▸ **TASK DESCRIPTION**: What are the lines from the top of the entries through the one with "import ezdxf"? Write them out exactly, with no pictures.

▸ **Dataset entries**:
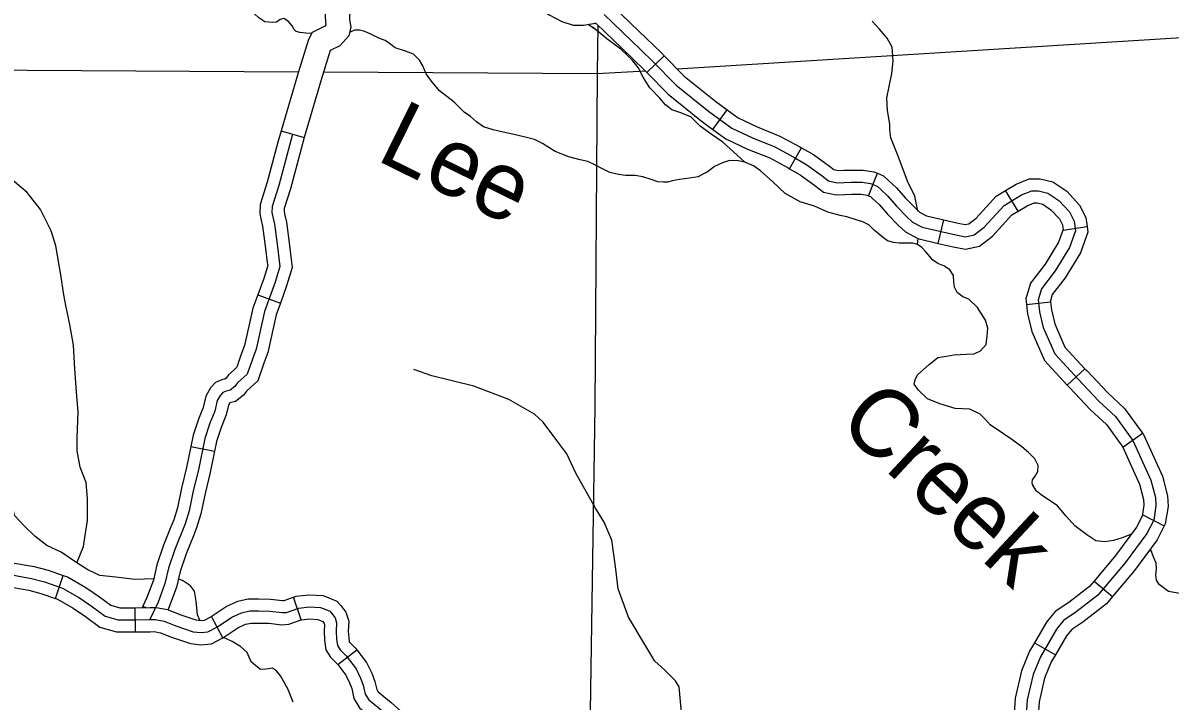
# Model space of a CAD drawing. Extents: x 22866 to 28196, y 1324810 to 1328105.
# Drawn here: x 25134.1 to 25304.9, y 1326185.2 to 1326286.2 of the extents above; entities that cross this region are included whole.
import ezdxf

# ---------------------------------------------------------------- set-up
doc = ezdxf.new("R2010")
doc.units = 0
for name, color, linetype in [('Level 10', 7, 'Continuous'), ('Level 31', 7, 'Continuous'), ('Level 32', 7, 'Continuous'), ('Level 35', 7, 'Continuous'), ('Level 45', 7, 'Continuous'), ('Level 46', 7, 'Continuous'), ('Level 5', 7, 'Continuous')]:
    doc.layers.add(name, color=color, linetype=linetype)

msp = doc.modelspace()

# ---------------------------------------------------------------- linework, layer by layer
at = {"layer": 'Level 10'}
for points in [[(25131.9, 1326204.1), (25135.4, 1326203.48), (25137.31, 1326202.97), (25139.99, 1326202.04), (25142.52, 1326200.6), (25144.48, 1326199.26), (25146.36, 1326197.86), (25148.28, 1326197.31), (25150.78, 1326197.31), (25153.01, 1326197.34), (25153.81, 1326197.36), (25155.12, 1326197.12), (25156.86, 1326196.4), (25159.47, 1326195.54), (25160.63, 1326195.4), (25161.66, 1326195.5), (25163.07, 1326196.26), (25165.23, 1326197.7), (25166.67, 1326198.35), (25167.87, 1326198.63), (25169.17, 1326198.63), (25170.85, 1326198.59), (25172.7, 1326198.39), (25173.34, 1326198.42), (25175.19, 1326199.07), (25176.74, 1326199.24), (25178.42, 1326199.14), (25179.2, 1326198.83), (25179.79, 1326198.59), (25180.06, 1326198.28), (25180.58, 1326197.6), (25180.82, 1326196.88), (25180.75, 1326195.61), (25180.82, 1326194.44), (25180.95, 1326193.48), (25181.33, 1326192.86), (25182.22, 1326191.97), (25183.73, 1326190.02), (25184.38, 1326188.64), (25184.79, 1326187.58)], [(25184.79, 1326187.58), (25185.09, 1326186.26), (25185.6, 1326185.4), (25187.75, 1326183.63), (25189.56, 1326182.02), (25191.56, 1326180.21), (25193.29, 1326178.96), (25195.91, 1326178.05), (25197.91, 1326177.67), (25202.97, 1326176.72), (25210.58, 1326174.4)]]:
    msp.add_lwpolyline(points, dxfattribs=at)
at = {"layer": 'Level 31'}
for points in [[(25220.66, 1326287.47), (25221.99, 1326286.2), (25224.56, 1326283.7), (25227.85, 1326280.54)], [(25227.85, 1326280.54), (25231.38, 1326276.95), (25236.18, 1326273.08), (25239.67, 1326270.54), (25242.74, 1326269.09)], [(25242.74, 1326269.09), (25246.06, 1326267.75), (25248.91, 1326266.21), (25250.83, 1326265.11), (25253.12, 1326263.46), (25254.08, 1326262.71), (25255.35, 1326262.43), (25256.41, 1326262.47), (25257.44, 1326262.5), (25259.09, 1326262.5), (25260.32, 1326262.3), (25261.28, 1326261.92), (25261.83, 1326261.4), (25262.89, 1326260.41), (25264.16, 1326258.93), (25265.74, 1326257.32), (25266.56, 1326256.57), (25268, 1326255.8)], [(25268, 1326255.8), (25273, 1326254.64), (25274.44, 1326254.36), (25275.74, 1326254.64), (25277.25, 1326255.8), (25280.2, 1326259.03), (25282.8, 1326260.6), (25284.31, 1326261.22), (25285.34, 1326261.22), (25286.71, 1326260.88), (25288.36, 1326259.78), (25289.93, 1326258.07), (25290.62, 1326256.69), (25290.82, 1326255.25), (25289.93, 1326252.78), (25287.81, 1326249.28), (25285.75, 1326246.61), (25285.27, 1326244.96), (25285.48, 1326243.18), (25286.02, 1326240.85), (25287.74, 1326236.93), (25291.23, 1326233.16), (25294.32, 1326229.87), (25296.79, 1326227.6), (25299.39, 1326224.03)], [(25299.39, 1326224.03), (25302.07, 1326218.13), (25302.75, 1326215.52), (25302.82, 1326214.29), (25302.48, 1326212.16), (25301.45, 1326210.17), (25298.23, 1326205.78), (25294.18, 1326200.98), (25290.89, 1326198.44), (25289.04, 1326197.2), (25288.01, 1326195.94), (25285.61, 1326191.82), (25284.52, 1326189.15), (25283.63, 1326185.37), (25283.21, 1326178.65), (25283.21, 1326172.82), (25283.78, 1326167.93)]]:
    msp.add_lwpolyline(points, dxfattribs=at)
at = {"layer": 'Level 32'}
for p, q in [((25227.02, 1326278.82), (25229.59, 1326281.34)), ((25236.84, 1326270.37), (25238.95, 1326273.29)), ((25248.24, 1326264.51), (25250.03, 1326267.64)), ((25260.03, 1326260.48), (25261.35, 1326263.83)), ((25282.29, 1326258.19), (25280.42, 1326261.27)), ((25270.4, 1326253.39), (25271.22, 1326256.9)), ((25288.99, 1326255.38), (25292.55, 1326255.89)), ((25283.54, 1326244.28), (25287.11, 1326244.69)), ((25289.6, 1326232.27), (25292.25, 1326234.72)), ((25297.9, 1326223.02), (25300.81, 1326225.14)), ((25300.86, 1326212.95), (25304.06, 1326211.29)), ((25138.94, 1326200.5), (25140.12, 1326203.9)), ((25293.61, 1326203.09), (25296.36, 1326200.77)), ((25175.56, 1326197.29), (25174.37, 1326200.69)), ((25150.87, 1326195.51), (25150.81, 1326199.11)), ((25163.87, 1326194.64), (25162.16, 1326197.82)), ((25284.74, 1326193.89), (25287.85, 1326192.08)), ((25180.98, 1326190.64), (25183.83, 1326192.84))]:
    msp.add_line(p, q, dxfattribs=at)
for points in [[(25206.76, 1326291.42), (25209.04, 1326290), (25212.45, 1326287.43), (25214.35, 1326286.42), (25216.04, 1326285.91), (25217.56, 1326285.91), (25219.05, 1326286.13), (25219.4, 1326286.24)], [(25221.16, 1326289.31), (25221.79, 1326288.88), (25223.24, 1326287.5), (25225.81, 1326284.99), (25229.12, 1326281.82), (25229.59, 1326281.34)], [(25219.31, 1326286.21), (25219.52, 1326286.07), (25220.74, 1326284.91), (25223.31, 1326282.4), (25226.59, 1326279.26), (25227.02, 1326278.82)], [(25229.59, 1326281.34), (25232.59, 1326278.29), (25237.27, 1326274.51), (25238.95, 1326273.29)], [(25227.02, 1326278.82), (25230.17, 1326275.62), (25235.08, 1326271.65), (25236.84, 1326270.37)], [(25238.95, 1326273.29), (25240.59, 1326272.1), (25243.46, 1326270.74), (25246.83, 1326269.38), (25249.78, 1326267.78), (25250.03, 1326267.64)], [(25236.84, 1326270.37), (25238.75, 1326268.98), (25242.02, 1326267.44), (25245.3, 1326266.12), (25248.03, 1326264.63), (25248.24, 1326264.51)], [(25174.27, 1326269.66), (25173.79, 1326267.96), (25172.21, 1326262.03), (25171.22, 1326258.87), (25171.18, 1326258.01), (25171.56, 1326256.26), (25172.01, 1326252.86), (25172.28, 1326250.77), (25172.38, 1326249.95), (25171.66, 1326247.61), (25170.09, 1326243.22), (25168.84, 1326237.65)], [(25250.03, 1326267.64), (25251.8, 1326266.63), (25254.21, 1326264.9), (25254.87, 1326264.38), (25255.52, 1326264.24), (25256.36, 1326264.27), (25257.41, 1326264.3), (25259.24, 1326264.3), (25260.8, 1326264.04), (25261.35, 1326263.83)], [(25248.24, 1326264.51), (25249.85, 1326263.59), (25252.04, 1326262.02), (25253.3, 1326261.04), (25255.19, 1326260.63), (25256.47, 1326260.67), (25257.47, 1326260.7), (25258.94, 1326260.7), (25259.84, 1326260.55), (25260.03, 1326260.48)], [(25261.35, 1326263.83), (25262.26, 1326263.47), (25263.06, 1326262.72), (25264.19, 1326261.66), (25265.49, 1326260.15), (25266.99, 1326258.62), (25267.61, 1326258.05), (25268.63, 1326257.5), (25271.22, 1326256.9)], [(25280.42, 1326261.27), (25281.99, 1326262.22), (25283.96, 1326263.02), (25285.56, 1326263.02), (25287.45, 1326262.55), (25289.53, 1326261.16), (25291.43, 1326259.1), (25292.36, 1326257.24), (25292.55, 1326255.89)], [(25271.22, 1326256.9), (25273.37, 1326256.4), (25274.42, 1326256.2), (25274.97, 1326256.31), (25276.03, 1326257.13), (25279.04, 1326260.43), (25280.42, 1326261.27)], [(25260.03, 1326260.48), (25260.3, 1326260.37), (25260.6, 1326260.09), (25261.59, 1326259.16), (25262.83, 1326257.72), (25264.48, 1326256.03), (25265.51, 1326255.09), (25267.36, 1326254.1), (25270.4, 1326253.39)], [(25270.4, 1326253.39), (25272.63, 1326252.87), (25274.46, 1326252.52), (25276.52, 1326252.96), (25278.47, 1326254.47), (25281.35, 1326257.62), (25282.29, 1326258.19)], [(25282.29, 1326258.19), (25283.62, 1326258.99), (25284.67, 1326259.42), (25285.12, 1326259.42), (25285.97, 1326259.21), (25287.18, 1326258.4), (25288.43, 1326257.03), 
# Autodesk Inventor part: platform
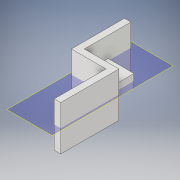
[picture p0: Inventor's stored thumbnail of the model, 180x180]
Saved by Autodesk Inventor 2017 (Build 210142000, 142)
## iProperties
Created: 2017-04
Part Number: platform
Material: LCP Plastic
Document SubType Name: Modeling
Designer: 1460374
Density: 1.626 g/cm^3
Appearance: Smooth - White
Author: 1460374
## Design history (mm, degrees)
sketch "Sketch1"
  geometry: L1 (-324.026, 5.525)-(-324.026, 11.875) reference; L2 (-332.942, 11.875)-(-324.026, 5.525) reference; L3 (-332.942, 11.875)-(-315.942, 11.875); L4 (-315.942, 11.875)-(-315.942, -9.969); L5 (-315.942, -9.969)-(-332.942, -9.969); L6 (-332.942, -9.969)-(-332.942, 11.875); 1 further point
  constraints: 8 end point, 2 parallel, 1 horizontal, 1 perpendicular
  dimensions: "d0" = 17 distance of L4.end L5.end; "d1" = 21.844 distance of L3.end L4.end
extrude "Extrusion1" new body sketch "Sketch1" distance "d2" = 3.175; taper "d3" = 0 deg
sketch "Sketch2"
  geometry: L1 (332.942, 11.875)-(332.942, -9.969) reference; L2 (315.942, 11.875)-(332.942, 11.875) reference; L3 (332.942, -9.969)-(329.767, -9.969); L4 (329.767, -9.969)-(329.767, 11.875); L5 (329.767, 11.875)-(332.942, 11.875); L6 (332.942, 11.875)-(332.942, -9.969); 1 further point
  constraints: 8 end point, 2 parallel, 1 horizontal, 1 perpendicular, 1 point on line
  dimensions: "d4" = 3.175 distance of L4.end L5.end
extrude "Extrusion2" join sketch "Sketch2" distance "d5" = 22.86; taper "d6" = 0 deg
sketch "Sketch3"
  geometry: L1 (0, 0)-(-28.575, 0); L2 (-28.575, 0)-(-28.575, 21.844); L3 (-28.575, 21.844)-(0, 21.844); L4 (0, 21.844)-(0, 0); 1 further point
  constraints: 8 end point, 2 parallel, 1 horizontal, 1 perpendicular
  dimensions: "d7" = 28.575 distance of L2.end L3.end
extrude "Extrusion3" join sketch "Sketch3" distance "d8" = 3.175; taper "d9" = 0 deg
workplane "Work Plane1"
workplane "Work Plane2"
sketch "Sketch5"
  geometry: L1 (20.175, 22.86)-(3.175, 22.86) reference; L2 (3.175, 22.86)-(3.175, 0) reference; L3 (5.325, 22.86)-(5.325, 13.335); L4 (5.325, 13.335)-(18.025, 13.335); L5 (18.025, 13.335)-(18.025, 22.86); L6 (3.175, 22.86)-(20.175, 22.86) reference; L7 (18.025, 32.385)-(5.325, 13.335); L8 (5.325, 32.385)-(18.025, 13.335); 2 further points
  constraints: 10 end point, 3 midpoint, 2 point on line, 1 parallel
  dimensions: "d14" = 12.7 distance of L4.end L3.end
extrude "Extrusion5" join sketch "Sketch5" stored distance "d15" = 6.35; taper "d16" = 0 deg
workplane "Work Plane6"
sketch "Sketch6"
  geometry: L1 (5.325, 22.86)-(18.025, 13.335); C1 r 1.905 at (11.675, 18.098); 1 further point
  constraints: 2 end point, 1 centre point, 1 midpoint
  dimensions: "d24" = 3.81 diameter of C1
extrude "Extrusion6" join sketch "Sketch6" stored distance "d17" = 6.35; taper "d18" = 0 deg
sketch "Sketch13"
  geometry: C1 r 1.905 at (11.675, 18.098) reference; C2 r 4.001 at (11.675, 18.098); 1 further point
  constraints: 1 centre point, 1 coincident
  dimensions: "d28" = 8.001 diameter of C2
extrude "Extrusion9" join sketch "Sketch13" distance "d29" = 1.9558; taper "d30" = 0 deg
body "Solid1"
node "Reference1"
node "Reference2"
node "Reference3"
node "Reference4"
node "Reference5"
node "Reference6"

▸ **ANSWER BOX**:
# Model space of a CAD drawing. Extents: x 22866 to 28196, y 1324810 to 1328105.
# Drawn here: x 25134.1 to 25304.9, y 1326185.2 to 1326286.2 of the extents above; entities that cross this region are included whole.
import ezdxf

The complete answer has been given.